1077 Robinson et al. (2020) described a controlled field experiment and compared the sound produced by high-order detonations with a low-order disposal method (i.e. deflagration). He found that using low order techniques offers a substantial reduction in acoustic output over traditional high-order methods, with the peak SPLpk and SELcum observed being typically > 20 dB lower for the deflagration of the same sized munition (a reduction factor of just over ten in SPLpk and 100 in acoustic energy). The study also reported that the acoustic output depends on the size of the shaped charge, rather than the size of the UXO itself. Considering the above, compared to high-order methods, Robinson et al. (2020) provided the evidence that low order techniques offers the potential for greatly reduced acoustic noise exposure of marine mammals.
1078 The sensitivity of the receptors to the injury from impulsive underwater noise has been described previously for piling and is presented in paragraphs 1057 to 1061.
1079 All marine mammals, which are IEFs of international value, are deemed to be of high vulnerability and low recoverability. The sensitivity of the receptor to PTS from elevated underwater noise during UXCO clearance is therefore, considered to be high.
13.5.2 Sensitivity to Behavioural disturbance
Elevated underwater noise during piling
1080 Studies have shown that acoustic disturbance to marine mammals may lead to the interruption of normal behaviours (such as feeding or breeding) and avoidance, leading to displacement from the area and exclusion from critical habitats (Goold, 1996; Weller et al., 2002; Castellote et al., 2010, 2012). Noise may also cause stress which in turn can lead to a depressed immune function and reduced reproductive success (Anderson et al., 2011; De Soto et al., 2013). The extent to which an animal will be behaviourally affected, however, is very much context-dependent and varies both inter- and intra-specifically. A summary of known behavioural sensitivities of different species to underwater noise from piling at other wind farm sites is provided in paragraph 1088 et seq., noting that the conclusions drawn are subject to the limitations of extrapolating results from one project to another.
Grey seal and harbour seal
1081 Strong disturbance could result in displacement of seals from an area. Whilst mild disturbance has the potential to disturb individuals, this constitutes only slight changes in behaviour, such as changes in swimming speed or direction, and is unlikely to result in population-level effects. Although there are likely to be alternative foraging sites for both harbour seal and grey seal, barrier effects as a result of installation of monopiles could either prevent seals from travelling to forage from haul-out sites or force seals (particularly harbour seal) to travel greater distances than is usual during periods of piling.
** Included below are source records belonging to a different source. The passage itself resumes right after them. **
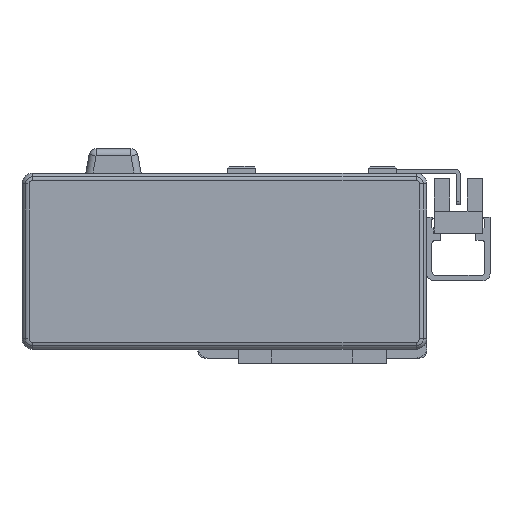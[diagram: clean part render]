
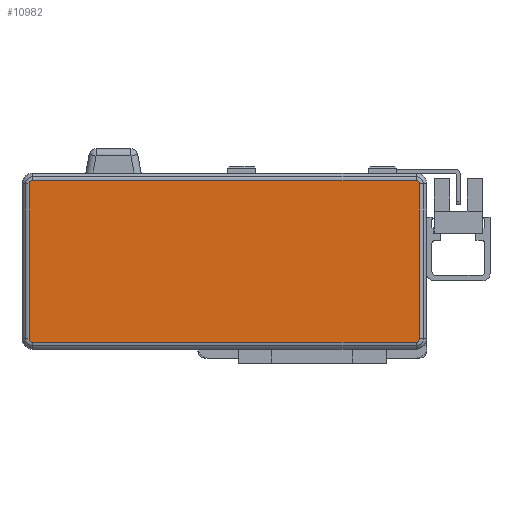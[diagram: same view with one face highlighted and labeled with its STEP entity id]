
A CAD part, left-side view. The second image highlights one B-rep face of the part: STEP entity #10982.
In plain terms, the highlighted planar face has unit normal (-1, 0, 0) as drawn and (0, 0, 1) by its records, which use the part's own axes.
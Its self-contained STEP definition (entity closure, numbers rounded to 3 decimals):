
#1267 = FACE_OUTER_BOUND ( 'NONE', #1381, .T. ) ;
#1381 = EDGE_LOOP ( 'NONE', ( #11561, #6260, #4112, #4381, #4627, #5075, #5246, #5534 ) ) ;
#2234 = CARTESIAN_POINT ( 'NONE',  ( 54.5, -22., 40. ) ) ;
#2582 = DIRECTION ( 'NONE',  ( 0., 0., 1. ) ) ;
#4112 = ORIENTED_EDGE ( 'NONE', *, *, #8079, .T. ) ;
#4381 = ORIENTED_EDGE ( 'NONE', *, *, #8144, .T. ) ;
#4627 = ORIENTED_EDGE ( 'NONE', *, *, #8357, .T. ) ;
#4717 = DIRECTION ( 'NONE',  ( -1., 0., 0. ) ) ;
#5075 = ORIENTED_EDGE ( 'NONE', *, *, #8364, .T. ) ;
#5177 = VERTEX_POINT ( 'NONE', #11012 ) ;
#5246 = ORIENTED_EDGE ( 'NONE', *, *, #8568, .T. ) ;
#5534 = ORIENTED_EDGE ( 'NONE', *, *, #8609, .T. ) ;
#6260 = ORIENTED_EDGE ( 'NONE', *, *, #8035, .T. ) ;
#7397 = CARTESIAN_POINT ( 'NONE',  ( -54.5, 23., 40. ) ) ;
#7730 = EDGE_CURVE ( 'NONE', #19430, #5177, #14022, .T. ) ;
#7927 = DIRECTION ( 'NONE',  ( 0., 0., 1. ) ) ;
#8035 = EDGE_CURVE ( 'NONE', #5177, #12425, #12911, .T. ) ;
#8079 = EDGE_CURVE ( 'NONE', #12425, #20731, #12857, .T. ) ;
#8144 = EDGE_CURVE ( 'NONE', #20731, #22683, #12749, .T. ) ;
#8309 = CARTESIAN_POINT ( 'NONE',  ( 55.5, -22., 40. ) ) ;
#8334 = DIRECTION ( 'NONE',  ( 0., -1., 0. ) ) ;
#8357 = EDGE_CURVE ( 'NONE', #22683, #26309, #11966, .T. ) ;
#8364 = EDGE_CURVE ( 'NONE', #26309, #18215, #12024, .T. ) ;
#8429 = DIRECTION ( 'NONE',  ( 0., 0., 1. ) ) ;
#8568 = EDGE_CURVE ( 'NONE', #18215, #18205, #10905, .T. ) ;
#8609 = EDGE_CURVE ( 'NONE', #18205, #19430, #11141, .T. ) ;
#8797 = CARTESIAN_POINT ( 'NONE',  ( -54.5, -23., 40. ) ) ;
#9069 = CARTESIAN_POINT ( 'NONE',  ( 55.5, 22., 40. ) ) ;
#9877 = DIRECTION ( 'NONE',  ( 0., 0., -1. ) ) ;
#10007 = AXIS2_PLACEMENT_3D ( 'NONE', #20490, #9877, #24692 ) ;
#10879 = VECTOR ( 'NONE', #8334, 1000. ) ;
#10905 = LINE ( 'NONE', #27436, #10879 ) ;
#10982 = ADVANCED_FACE ( 'NONE', ( #1267 ), #16327, .F. ) ;
#11012 = CARTESIAN_POINT ( 'NONE',  ( 54.5, -23., 40. ) ) ;
#11141 = CIRCLE ( 'NONE', #14501, 1. ) ;
#11561 = ORIENTED_EDGE ( 'NONE', *, *, #7730, .T. ) ;
#11840 = VECTOR ( 'NONE', #22815, 1000. ) ;
#11966 = LINE ( 'NONE', #12258, #11840 ) ;
#12024 = CIRCLE ( 'NONE', #14819, 1. ) ;
#12258 = CARTESIAN_POINT ( 'NONE',  ( 0., 23., 40. ) ) ;
#12425 = VERTEX_POINT ( 'NONE', #8309 ) ;
#12749 = CIRCLE ( 'NONE', #15285, 1. ) ;
#12857 = LINE ( 'NONE', #23995, #12863 ) ;
#12861 = CARTESIAN_POINT ( 'NONE',  ( -55.5, 22., 40. ) ) ;
#12863 = VECTOR ( 'NONE', #15648, 1000. ) ;
#12911 = CIRCLE ( 'NONE', #15446, 1. ) ;
#13994 = VECTOR ( 'NONE', #14767, 1000. ) ;
#14022 = LINE ( 'NONE', #14682, #13994 ) ;
#14501 = AXIS2_PLACEMENT_3D ( 'NONE', #21275, #8429, #23313 ) ;
#14682 = CARTESIAN_POINT ( 'NONE',  ( 0., -23., 40. ) ) ;
#14767 = DIRECTION ( 'NONE',  ( 1., 0., 0. ) ) ;
#14819 = AXIS2_PLACEMENT_3D ( 'NONE', #20809, #7927, #22899 ) ;
#15285 = AXIS2_PLACEMENT_3D ( 'NONE', #15919, #2582, #17909 ) ;
#15446 = AXIS2_PLACEMENT_3D ( 'NONE', #2234, #17661, #4717 ) ;
#15648 = DIRECTION ( 'NONE',  ( 0., 1., 0. ) ) ;
#15919 = CARTESIAN_POINT ( 'NONE',  ( 54.5, 22., 40. ) ) ;
#16327 = PLANE ( 'NONE',  #10007 ) ;
#16520 = CARTESIAN_POINT ( 'NONE',  ( 54.5, 23., 40. ) ) ;
#17661 = DIRECTION ( 'NONE',  ( 0., 0., 1. ) ) ;
#17909 = DIRECTION ( 'NONE',  ( -1., 0., 0. ) ) ;
#18205 = VERTEX_POINT ( 'NONE', #21238 ) ;
#18215 = VERTEX_POINT ( 'NONE', #12861 ) ;
#19430 = VERTEX_POINT ( 'NONE', #8797 ) ;
#20490 = CARTESIAN_POINT ( 'NONE',  ( 0., 0., 40. ) ) ;
#20731 = VERTEX_POINT ( 'NONE', #9069 ) ;
#20809 = CARTESIAN_POINT ( 'NONE',  ( -54.5, 22., 40. ) ) ;
#21238 = CARTESIAN_POINT ( 'NONE',  ( -55.5, -22., 40. ) ) ;
#21275 = CARTESIAN_POINT ( 'NONE',  ( -54.5, -22., 40. ) ) ;
#22683 = VERTEX_POINT ( 'NONE', #16520 ) ;
#22815 = DIRECTION ( 'NONE',  ( -1., 0., 0. ) ) ;
#22899 = DIRECTION ( 'NONE',  ( -1., 0., 0. ) ) ;
#23313 = DIRECTION ( 'NONE',  ( -1., 0., 0. ) ) ;
#23995 = CARTESIAN_POINT ( 'NONE',  ( 55.5, 0., 40. ) ) ;
#24692 = DIRECTION ( 'NONE',  ( -1., 0., 0. ) ) ;
#26309 = VERTEX_POINT ( 'NONE', #7397 ) ;
#27436 = CARTESIAN_POINT ( 'NONE',  ( -55.5, 0., 40. ) ) ;
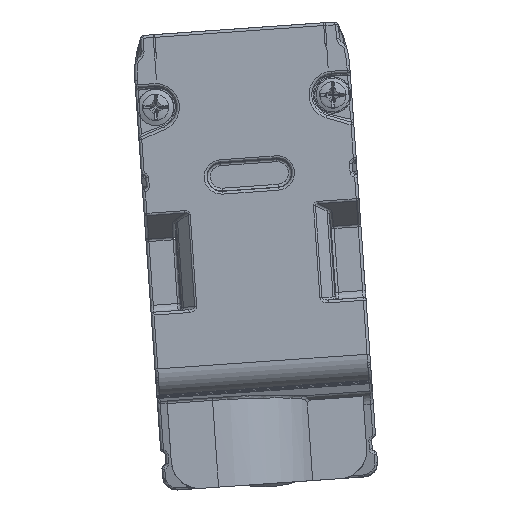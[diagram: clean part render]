
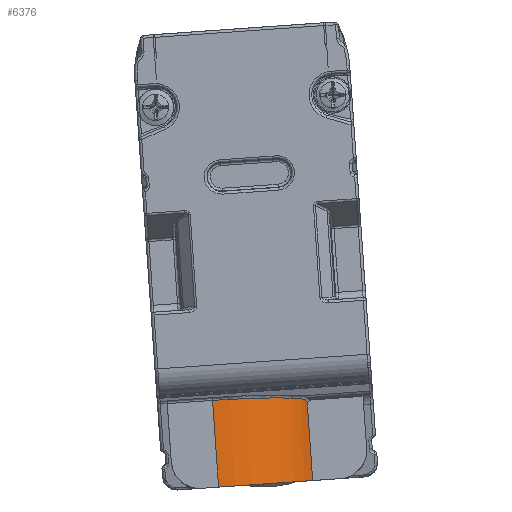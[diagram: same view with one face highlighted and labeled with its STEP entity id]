
A CAD part, front view. The second image highlights one B-rep face of the part: STEP entity #6376.
In plain terms, the highlighted cylindrical face has radius 7.5 mm (diameter 15 mm), a partial arc.
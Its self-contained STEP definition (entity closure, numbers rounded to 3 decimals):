
#202=ELLIPSE('',#22567,7.53,7.5);
#555=CYLINDRICAL_SURFACE('',#22569,7.5);
#1147=CIRCLE('',#22568,7.5);
#2666=LINE('',#32384,#4333);
#2667=LINE('',#32397,#4334);
#4333=VECTOR('',#25275,1.);
#4334=VECTOR('',#25278,1.);
#6376=ADVANCED_FACE('',(#7779),#555,.T.);
#7779=FACE_OUTER_BOUND('',#8819,.T.);
#8819=EDGE_LOOP('',(#10135,#10136,#10137,#10138,#10139));
#10135=ORIENTED_EDGE('',*,*,#18489,.T.);
#10136=ORIENTED_EDGE('',*,*,#18490,.T.);
#10137=ORIENTED_EDGE('',*,*,#18491,.T.);
#10138=ORIENTED_EDGE('',*,*,#18492,.T.);
#10139=ORIENTED_EDGE('',*,*,#18493,.F.);
#15912=VERTEX_POINT('',#32385);
#15913=VERTEX_POINT('',#32386);
#15914=VERTEX_POINT('',#32394);
#15915=VERTEX_POINT('',#32396);
#15916=VERTEX_POINT('',#32398);
#18489=EDGE_CURVE('',#15912,#15913,#2666,.T.);
#18490=EDGE_CURVE('',#15913,#15914,#22006,.T.);
#18491=EDGE_CURVE('',#15914,#15915,#202,.T.);
#18492=EDGE_CURVE('',#15915,#15916,#2667,.T.);
#18493=EDGE_CURVE('',#15912,#15916,#1147,.T.);
#22006=B_SPLINE_CURVE_WITH_KNOTS('',3,(#32387,#32388,#32389,#32390,#32391,
#32392,#32393),.UNSPECIFIED.,.F.,.F.,(4,3,4),(0.,0.485,1.),.UNSPECIFIED.);
#22567=AXIS2_PLACEMENT_3D('',#32395,#25276,#25277);
#22568=AXIS2_PLACEMENT_3D('',#32399,#25279,#25280);
#22569=AXIS2_PLACEMENT_3D('',#32400,#25281,#25282);
#25275=DIRECTION('',(-0.07,0.,0.998));
#25276=DIRECTION('',(0.069,-0.089,-0.994));
#25277=DIRECTION('',(0.006,0.996,-0.089));
#25278=DIRECTION('',(0.07,0.,-0.998));
#25279=DIRECTION('',(0.07,0.,-0.998));
#25280=DIRECTION('',(0.998,0.,0.07));
#25281=DIRECTION('',(0.07,0.,-0.998));
#25282=DIRECTION('',(0.,-1.,0.));
#32384=CARTESIAN_POINT('',(-40.701,-500.597,14.888));
#32385=CARTESIAN_POINT('',(-40.701,-500.597,14.888));
#32386=CARTESIAN_POINT('',(-41.088,-500.597,20.435));
#32387=CARTESIAN_POINT('',(-41.088,-500.597,20.435));
#32388=CARTESIAN_POINT('',(-41.139,-500.686,20.528));
#32389=CARTESIAN_POINT('',(-41.198,-500.793,20.603));
#32390=CARTESIAN_POINT('',(-41.263,-500.905,20.654));
#32391=CARTESIAN_POINT('',(-41.332,-501.024,20.708));
#32392=CARTESIAN_POINT('',(-41.408,-501.152,20.738));
#32393=CARTESIAN_POINT('',(-41.487,-501.278,20.743));
#32394=CARTESIAN_POINT('',(-41.487,-501.278,20.743));
#32395=CARTESIAN_POINT('',(-47.816,-497.318,19.944));
#32396=CARTESIAN_POINT('',(-47.863,-504.818,20.616));
#32397=CARTESIAN_POINT('',(-47.667,-504.818,17.815));
#32398=CARTESIAN_POINT('',(-47.43,-504.818,14.418));
#32399=CARTESIAN_POINT('',(-47.43,-497.318,14.418));
#32400=CARTESIAN_POINT('',(-52.434,-497.318,85.982));
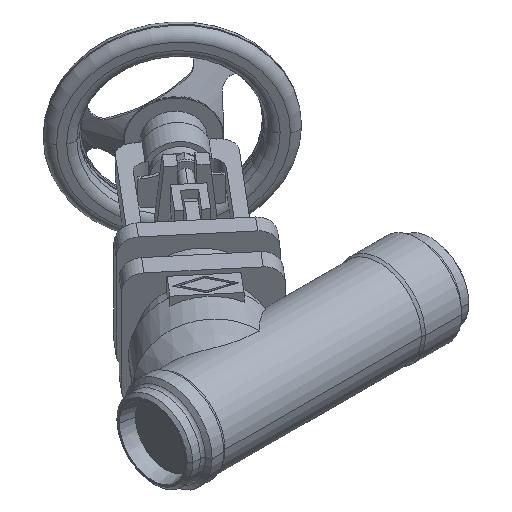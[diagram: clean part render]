
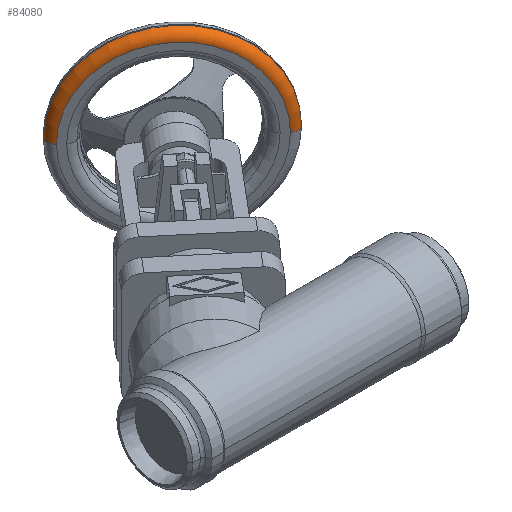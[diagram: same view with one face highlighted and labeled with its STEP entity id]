
A CAD part, isometric view. The second image highlights one B-rep face of the part: STEP entity #84080.
In plain terms, the highlighted toroidal (fillet/blend) face has major radius 68 mm and minor radius 7 mm.
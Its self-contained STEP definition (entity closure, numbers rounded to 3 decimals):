
#83290=CARTESIAN_POINT('',(171.227,260.557,0.));
#83300=VERTEX_POINT('',#83290);
#83500=CARTESIAN_POINT('',(286.134,164.138,0.));
#83510=VERTEX_POINT('',#83500);
#83540=CARTESIAN_POINT('',(228.681,212.348,0.));
#83550=DIRECTION('',(0.643,0.766,0.));
#83560=DIRECTION('',(-0.766,0.643,
0.));
#83570=AXIS2_PLACEMENT_3D('',#83540,#83550,#83560);
#83580=CIRCLE('',#83570,75.);
#83590=EDGE_CURVE('',#83300,#83510,#83580,.T.);
#83710=CARTESIAN_POINT('',(228.681,212.348,0.));
#83720=DIRECTION('',(0.643,0.766,0.));
#83730=DIRECTION('',(0.766,-0.643,0.));
#83740=AXIS2_PLACEMENT_3D('',#83710,#83720,#83730);
#83750=TOROIDAL_SURFACE('',#83740,68.,7.);
#83760=CARTESIAN_POINT('',(176.59,256.057,0.));
#83770=DIRECTION('',(0.,0.,1.));
#83780=DIRECTION('',(0.174,-0.985,0.));
#83790=AXIS2_PLACEMENT_3D('',#83760,#83770,#83780);
#83800=CIRCLE('',#83790,7.);
#83810=CARTESIAN_POINT('',(172.09,250.695,0.));
#83820=VERTEX_POINT('',#83810);
#83830=EDGE_CURVE('',#83300,#83820,#83800,.T.);
#83840=ORIENTED_EDGE('',*,*,#83830,.T.);
#83850=ORIENTED_EDGE('',*,*,#83590,.F.);
#83860=CARTESIAN_POINT('',(280.772,168.638,0.));
#83870=DIRECTION('',(0.,0.,-1.));
#83880=DIRECTION('',(-1.,0.,0.));
#83890=AXIS2_PLACEMENT_3D('',#83860,#83870,#83880);
#83900=CIRCLE('',#83890,7.);
#83910=CARTESIAN_POINT('',(276.272,163.276,0.));
#83920=VERTEX_POINT('',#83910);
#83930=EDGE_CURVE('',#83510,#83920,#83900,.T.);
#83940=ORIENTED_EDGE('',*,*,#83930,.F.);
#83950=CARTESIAN_POINT('',(224.181,206.985,0.));
#83960=DIRECTION('',(0.643,0.766,0.));
#83970=DIRECTION('',(-0.766,0.643,
0.));
#83980=AXIS2_PLACEMENT_3D('',#83950,#83960,#83970);
#83990=CIRCLE('',#83980,68.);
#84000=CARTESIAN_POINT('',(224.181,206.985,68.));
#84010=VERTEX_POINT('',#84000);
#84020=EDGE_CURVE('',#84010,#83920,#83990,.T.);
#84030=ORIENTED_EDGE('',*,*,#84020,.T.);
#84040=EDGE_CURVE('',#83820,#84010,#83990,.T.);
#84050=ORIENTED_EDGE('',*,*,#84040,.T.);
#84060=EDGE_LOOP('',(#84050,#84030,#83940,#83850,#83840));
#84070=FACE_OUTER_BOUND('',#84060,.T.);
#84080=ADVANCED_FACE('',(#84070),#83750,.T.);

1083 Hastie et al. (2021) recently demonstrated that anthropogenic noise can influence foraging decisions in seals and such decisions were consistent with a risk/profit balancing approach. The study measured the relative influence of perceived risk of a sound (silence, pile driving, and a tidal wind turbine) and prey patch quality (low density versus high density), in grey seals in an experimental pool environment. Foraging success was highest under silence, but under tidal wind turbine and pile driving treatments success was similar at the high-density prey patch but significantly reduced under the low-density prey patch. Therefore, avoidance rates were dependent on the quality of the prey patch as well as the perceived risk from the anthropogenic noise.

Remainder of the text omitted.